══ Material to process

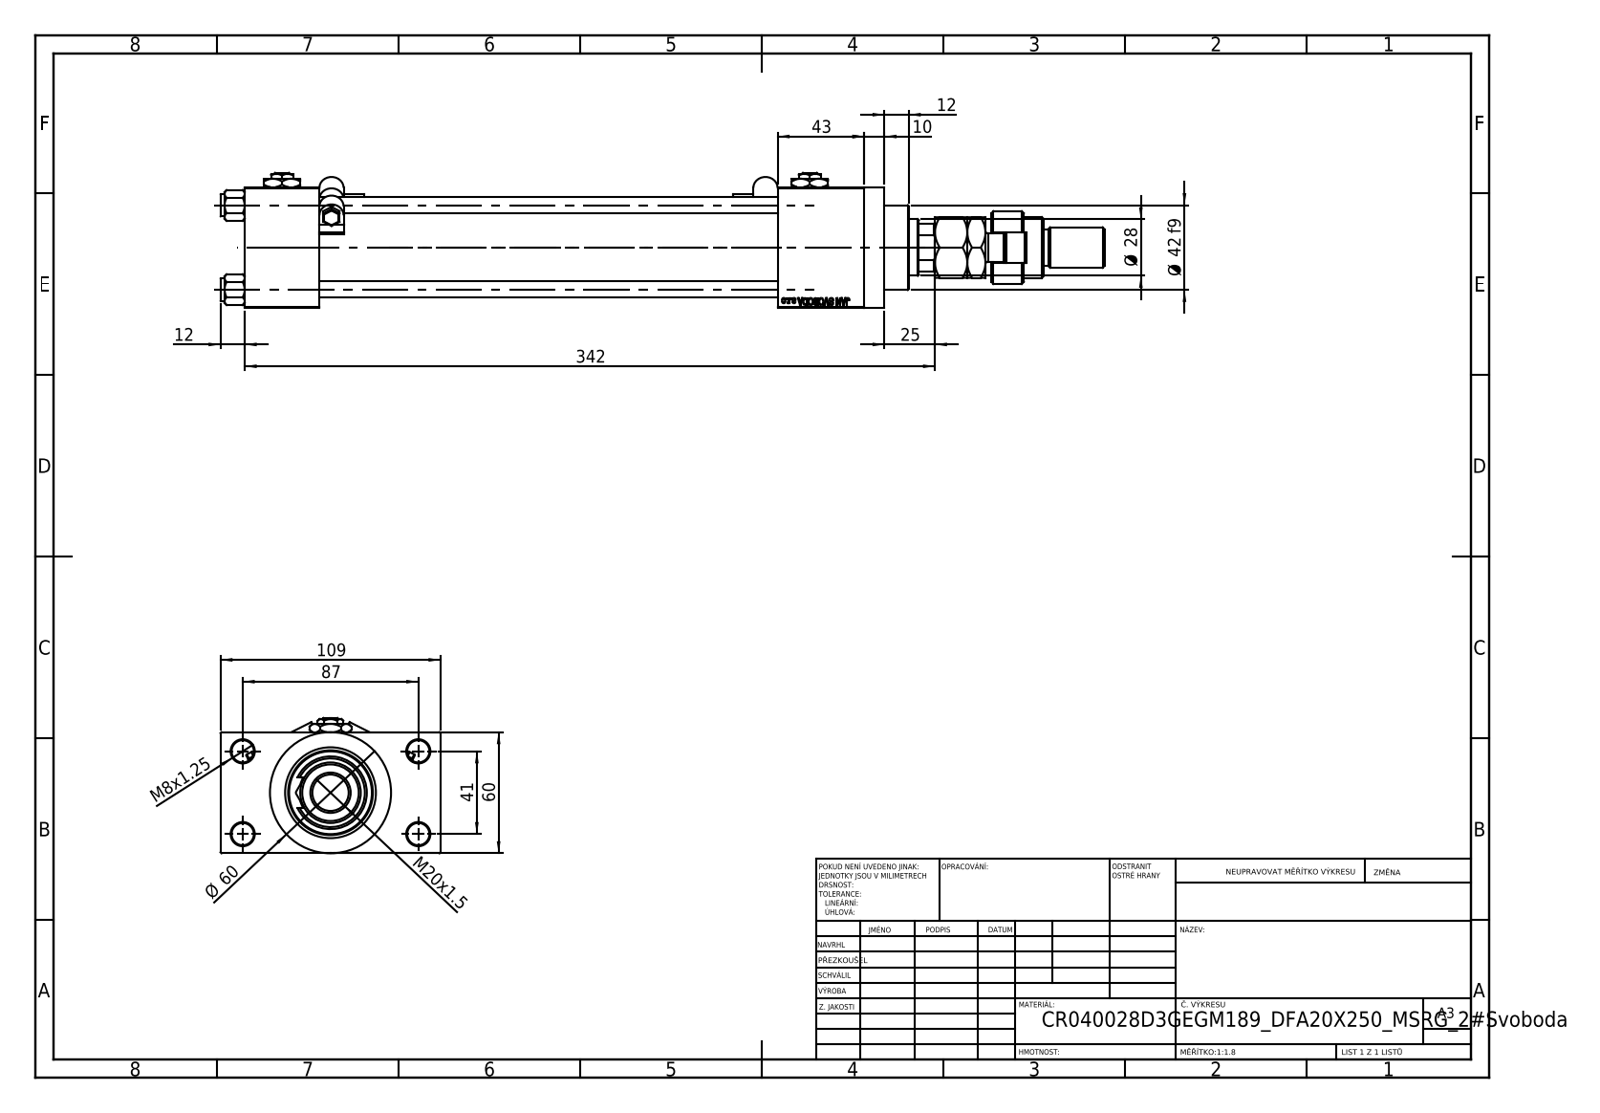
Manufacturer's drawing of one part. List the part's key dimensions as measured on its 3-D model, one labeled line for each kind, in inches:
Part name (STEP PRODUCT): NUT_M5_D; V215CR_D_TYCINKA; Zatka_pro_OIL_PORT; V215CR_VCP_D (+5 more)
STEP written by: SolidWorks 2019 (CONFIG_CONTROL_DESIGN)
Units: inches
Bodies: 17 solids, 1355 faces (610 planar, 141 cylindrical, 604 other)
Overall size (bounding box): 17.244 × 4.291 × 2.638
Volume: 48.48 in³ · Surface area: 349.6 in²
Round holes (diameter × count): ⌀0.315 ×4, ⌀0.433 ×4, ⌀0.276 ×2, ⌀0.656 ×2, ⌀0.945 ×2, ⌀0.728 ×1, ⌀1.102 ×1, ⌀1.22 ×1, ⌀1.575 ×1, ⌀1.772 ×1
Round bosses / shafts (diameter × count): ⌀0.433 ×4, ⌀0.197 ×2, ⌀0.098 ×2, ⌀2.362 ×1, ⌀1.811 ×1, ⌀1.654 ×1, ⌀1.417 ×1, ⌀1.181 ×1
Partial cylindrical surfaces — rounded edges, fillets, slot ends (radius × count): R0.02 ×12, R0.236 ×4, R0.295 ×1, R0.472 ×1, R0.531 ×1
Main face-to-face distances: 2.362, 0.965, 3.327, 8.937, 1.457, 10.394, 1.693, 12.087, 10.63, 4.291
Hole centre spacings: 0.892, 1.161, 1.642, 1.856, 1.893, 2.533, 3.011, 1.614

════
══ Material to process

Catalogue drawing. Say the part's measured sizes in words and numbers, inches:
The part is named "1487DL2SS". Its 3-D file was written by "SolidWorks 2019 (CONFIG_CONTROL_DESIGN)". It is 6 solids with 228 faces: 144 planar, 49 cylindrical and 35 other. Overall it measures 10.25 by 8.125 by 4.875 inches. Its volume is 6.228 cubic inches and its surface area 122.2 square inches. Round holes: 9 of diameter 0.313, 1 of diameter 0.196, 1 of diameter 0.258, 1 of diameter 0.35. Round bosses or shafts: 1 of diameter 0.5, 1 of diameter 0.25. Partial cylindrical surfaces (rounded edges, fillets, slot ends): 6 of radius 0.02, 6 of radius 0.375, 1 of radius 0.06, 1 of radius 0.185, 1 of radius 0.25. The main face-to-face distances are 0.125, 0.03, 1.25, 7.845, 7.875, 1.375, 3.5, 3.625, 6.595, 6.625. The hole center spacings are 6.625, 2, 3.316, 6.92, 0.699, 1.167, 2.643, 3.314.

════

■ **Exercise description**: Find every line in the records above that holds the word "STEP", and copy each one.

■ **Solution to this exercise**:
Part name (STEP PRODUCT): NUT_M5_D; V215CR_D_TYCINKA; Zatka_pro_OIL_PORT; V215CR_VCP_D (+5 more)
STEP written by: SolidWorks 2019 (CONFIG_CONTROL_DESIGN)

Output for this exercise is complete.